90 Travis West, on the charge to which you pleaded guilty, you are convicted. You are sentenced to be imprisoned for a period of six years and I direct that you serve a period of four years before being eligible for parole.
91 I declare that you have spent 270 days in pre-sentence detention and direct that that be counted and reckoned as part of the sentence already served.
92 Pursuant to s.6AAA of the Sentencing Act I note that but for your plea of guilty I would have sentenced you to a term of imprisonment of nine years and would have fixed a period of six years and six months as the period you would have had to have served before being eligible for parole.

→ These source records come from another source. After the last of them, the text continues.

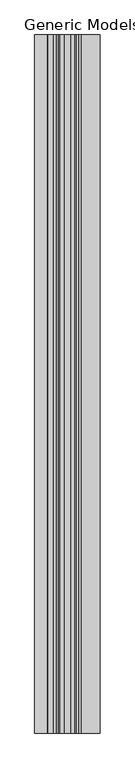
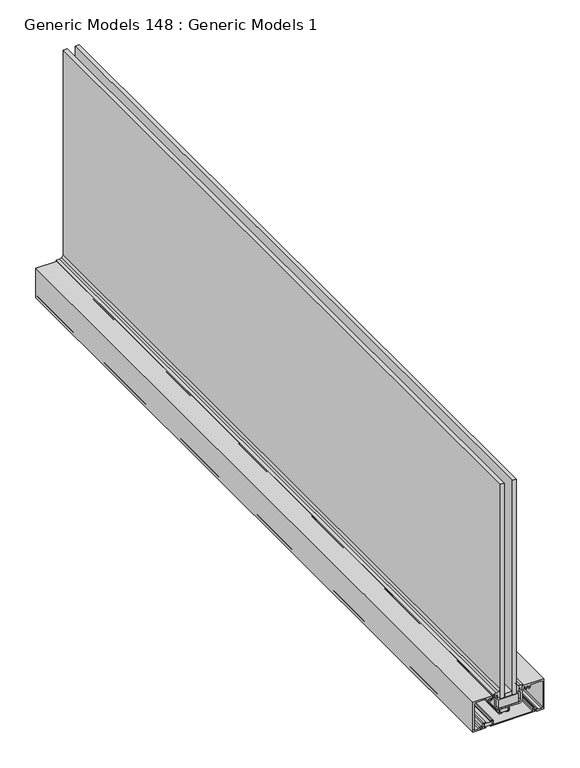
"""IFC4 building model written with IfcOpenShell, lengths in millimetres: proxy geometry, Generic Models 148 : Generic Models 1."""

import ifcopenshell
import ifcopenshell.guid

model = None  # the IFC model being written
_history = None  # IfcOwnerHistory: only IFC2X3 demands one
_inside = {}  # id of a spatial element -> (the spatial element, [elements in it])
_under = {}  # id of a project, library or spatial element -> (it, [spatial elements below it])
_declared = {}  # id of a project -> (the project, [libraries it declares])
_typed = {}  # id of a type object -> (the type object, [elements of that type])
_made_of = {}  # id of a material, layer set ... -> (it, [elements and type objects made of it])


def new_model(schema):
    """Start an empty IFC model of exactly this schema.

    Asked for "IFC4X3", IfcOpenShell would pick the latest addendum, in which some entities
    have other attributes; the version numbers below select the first issue.
    IFC2X3 requires an IfcOwnerHistory on every rooted entity: one is made here for all.
    """
    global model, _history
    if schema == "IFC4X3":
        model = ifcopenshell.file(schema_version=(4, 3, 0, 0))
    else:
        model = ifcopenshell.file(schema=schema)
    _inside.clear()
    _under.clear()
    _declared.clear()
    _typed.clear()
    _made_of.clear()
    _history = None
    if model.schema == "IFC2X3":
        org = make("IfcOrganization", Name="unknown")
        user = make(
            "IfcPersonAndOrganization",
            ThePerson=make("IfcPerson", FamilyName="unknown"),
            TheOrganization=org,
        )
        app = make(
            "IfcApplication",
            ApplicationDeveloper=org,
            Version="unknown",
            ApplicationFullName="unknown",
            ApplicationIdentifier="unknown",
        )
        _history = make(
            "IfcOwnerHistory",
            OwningUser=user,
            OwningApplication=app,
            ChangeAction="ADDED",
            CreationDate=0,
        )
    return model


def make(cls, **values):
    """One entity of the class cls with the attributes given. An attribute that is None is left unset."""
    return model.create_entity(
        cls, **{name: value for name, value in values.items() if value is not None}
    )


def rooted(cls, **values):
    """An entity with a GlobalId (a new one), such as an element, a storey or a relation."""
    return make(cls, GlobalId=ifcopenshell.guid.new(), OwnerHistory=_history, **values)


def si_unit(unit_type, name, prefix=None):
    """IfcSIUnit, for example si_unit("LENGTHUNIT", "METRE", prefix="MILLI")."""
    return make("IfcSIUnit", UnitType=unit_type, Prefix=prefix, Name=name)


def assignment(units):
    """IfcUnitAssignment: the units of a project."""
    return None if units is None else make("IfcUnitAssignment", Units=units)


def point(xyz):
    """IfcCartesianPoint."""
    return None if xyz is None else make("IfcCartesianPoint", Coordinates=xyz)


def direction(xyz):
    """IfcDirection."""
    return None if xyz is None else make("IfcDirection", DirectionRatios=xyz)


def frame(location, z_axis=None, x_axis=None):
    """IfcAxis2Placement3D, a coordinate frame: its origin and axes. An axis left out is left unset."""
    return make(
        "IfcAxis2Placement3D",
        Location=point(location),
        Axis=direction(z_axis),
        RefDirection=direction(x_axis),
    )


def frame_2d(location, x_axis=None):
    """IfcAxis2Placement2D, a coordinate frame in the plane: its origin and x axis."""
    return make(
        "IfcAxis2Placement2D", Location=point(location), RefDirection=direction(x_axis)
    )


def origin():
    """The frame at (0, 0, 0) with its axes left unset."""
    return frame((0.0, 0.0, 0.0))


def place(relative_to, where):
    """IfcLocalPlacement: puts the frame where relative to a parent placement (None: the world)."""
    return make(
        "IfcLocalPlacement", PlacementRelTo=relative_to, RelativePlacement=where
    )


def context(
    kind, dimensions, precision=None, world=None, true_north=None, identifier=None
):
    """IfcGeometricRepresentationContext, for example the 3D "Model" context."""
    return make(
        "IfcGeometricRepresentationContext",
        ContextIdentifier=identifier,
        ContextType=kind,
        CoordinateSpaceDimension=dimensions,
        Precision=precision,
        WorldCoordinateSystem=world,
        TrueNorth=true_north,
    )


def project(units=None, contexts=None):
    """IfcProject with its units and contexts."""
    return rooted(
        "IfcProject",
        Name="project",
        RepresentationContexts=contexts,
        UnitsInContext=assignment(units),
    )


def spatial(cls, under=None, at=None, **own):
    """A site, building, storey or space (cls), placed at a placement, below another one or the project."""
    s = rooted(cls, ObjectPlacement=at, **own)
    if under is not None:
        _under.setdefault(under.id(), (under, []))[1].append(s)
    return s


def polyline(points):
    """IfcPolyline through the points."""
    return make("IfcPolyline", Points=[point(p) for p in points])


def circle_curve(where, radius):
    """IfcCircle in the frame where."""
    return make("IfcCircle", Position=where, Radius=radius)


def trimmed(basis, trim1, trim2, sense, master):
    """IfcTrimmedCurve: the piece of a basis curve between two trims."""
    return make(
        "IfcTrimmedCurve",
        BasisCurve=basis,
        Trim1=trim1,
        Trim2=trim2,
        SenseAgreement=sense,
        MasterRepresentation=master,
    )


def segment(curve, same_sense, transition):
    """IfcCompositeCurveSegment."""
    return make(
        "IfcCompositeCurveSegment",
        Transition=transition,
        SameSense=same_sense,
        ParentCurve=curve,
    )


def composite_curve(segments, self_intersect=None):
    """IfcCompositeCurve: segments joined end to end."""
    return make("IfcCompositeCurve", Segments=segments, SelfIntersect=self_intersect)


def outline(outer, holes=None, kind="AREA"):
    """IfcArbitraryClosedProfileDef: a profile drawn as a closed curve; with holes, ...WithVoids."""
    if holes is None:
        return make("IfcArbitraryClosedProfileDef", ProfileType=kind, OuterCurve=outer)
    return make(
        "IfcArbitraryProfileDefWithVoids",
        ProfileType=kind,
        OuterCurve=outer,
        InnerCurves=holes,
    )


def extrude(swept, where, along, depth):
    """IfcExtrudedAreaSolid: the profile swept, set in the frame where, extruded along a direction by depth."""
    return make(
        "IfcExtrudedAreaSolid",
        SweptArea=swept,
        Position=where,
        ExtrudedDirection=direction(along),
        Depth=depth,
    )


def shape(context_of_items, identifier, shape_type, items):
    """IfcShapeRepresentation: the items that make up one representation, for example the "Body"."""
    return make(
        "IfcShapeRepresentation",
        ContextOfItems=context_of_items,
        RepresentationIdentifier=identifier,
        RepresentationType=shape_type,
        Items=items,
    )


def source(mapping_origin, context_of_items, identifier, shape_type, items):
    """IfcRepresentationMap: a shape defined once, which mapped items show again and again."""
    return make(
        "IfcRepresentationMap",
        MappingOrigin=mapping_origin,
        MappedRepresentation=shape(context_of_items, identifier, shape_type, items),
    )


def transform(
    local_origin,
    x_axis=None,
    y_axis=None,
    z_axis=None,
    scale=None,
    scale2=None,
    scale3=None,
    uniform=True,
):
    """IfcCartesianTransformationOperator3D, or its non-uniform kind. x_axis, y_axis, z_axis: its Axis1, 2, 3."""
    if uniform:
        return make(
            "IfcCartesianTransformationOperator3D",
            Axis1=direction(x_axis),
            Axis2=direction(y_axis),
            LocalOrigin=point(local_origin),
            Scale=scale,
            Axis3=direction(z_axis),
        )
    return make(
        "IfcCartesianTransformationOperator3DnonUniform",
        Axis1=direction(x_axis),
        Axis2=direction(y_axis),
        LocalOrigin=point(local_origin),
        Scale=scale,
        Axis3=direction(z_axis),
        Scale2=scale2,
        Scale3=scale3,
    )


def mapped(mapping_source, mapping_target):
    """IfcMappedItem: shows the shape of a source again, moved by a transform."""
    return make(
        "IfcMappedItem", MappingSource=mapping_source, MappingTarget=mapping_target
    )


def made_of(thing, what):
    """Note that an element or type object is made of a material, layer set ...; save() writes the relation."""
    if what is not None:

93 Can you please remove Mr West.
94 (Prisoner West removed.)
95 Mr Beyer, can you please stand. Michael Beyer, on the charge to which you have pleaded guilty, you are convicted. You are sentenced to be imprisoned for a period of five years and I fix a period of three years as the term that you must serve before being eligible for parole.
96 I declare that you have served 270 days in pre-sentence detention and direct that that be counted and reckoned as part of the sentence already served.
97 Pursuant to s.6AAA of the Sentencing Act I declare that but for your plea of guilty, I would have sentenced you to a term of imprisonment of seven years and six months and fixed a period of five years as the term you would have had to have served before being eligible for parole.
98 Pursuant to s.464ZF of the Crimes Act I make the order for the taking of a forensic sample. That is to be by way of a buccal sample and mouth swab. I must inform you, Mr Beyer, that if you do not co-operate in the provision of that sample, then the police are authorised to use reasonable force to obtain the sample and are likely to use the more invasive means of obtaining it, namely a blood sample. Do you understand that?
99 PRISONER BEYER: Yes.
100 HER HONOUR: Thank you, could you remove Mr Beyer please.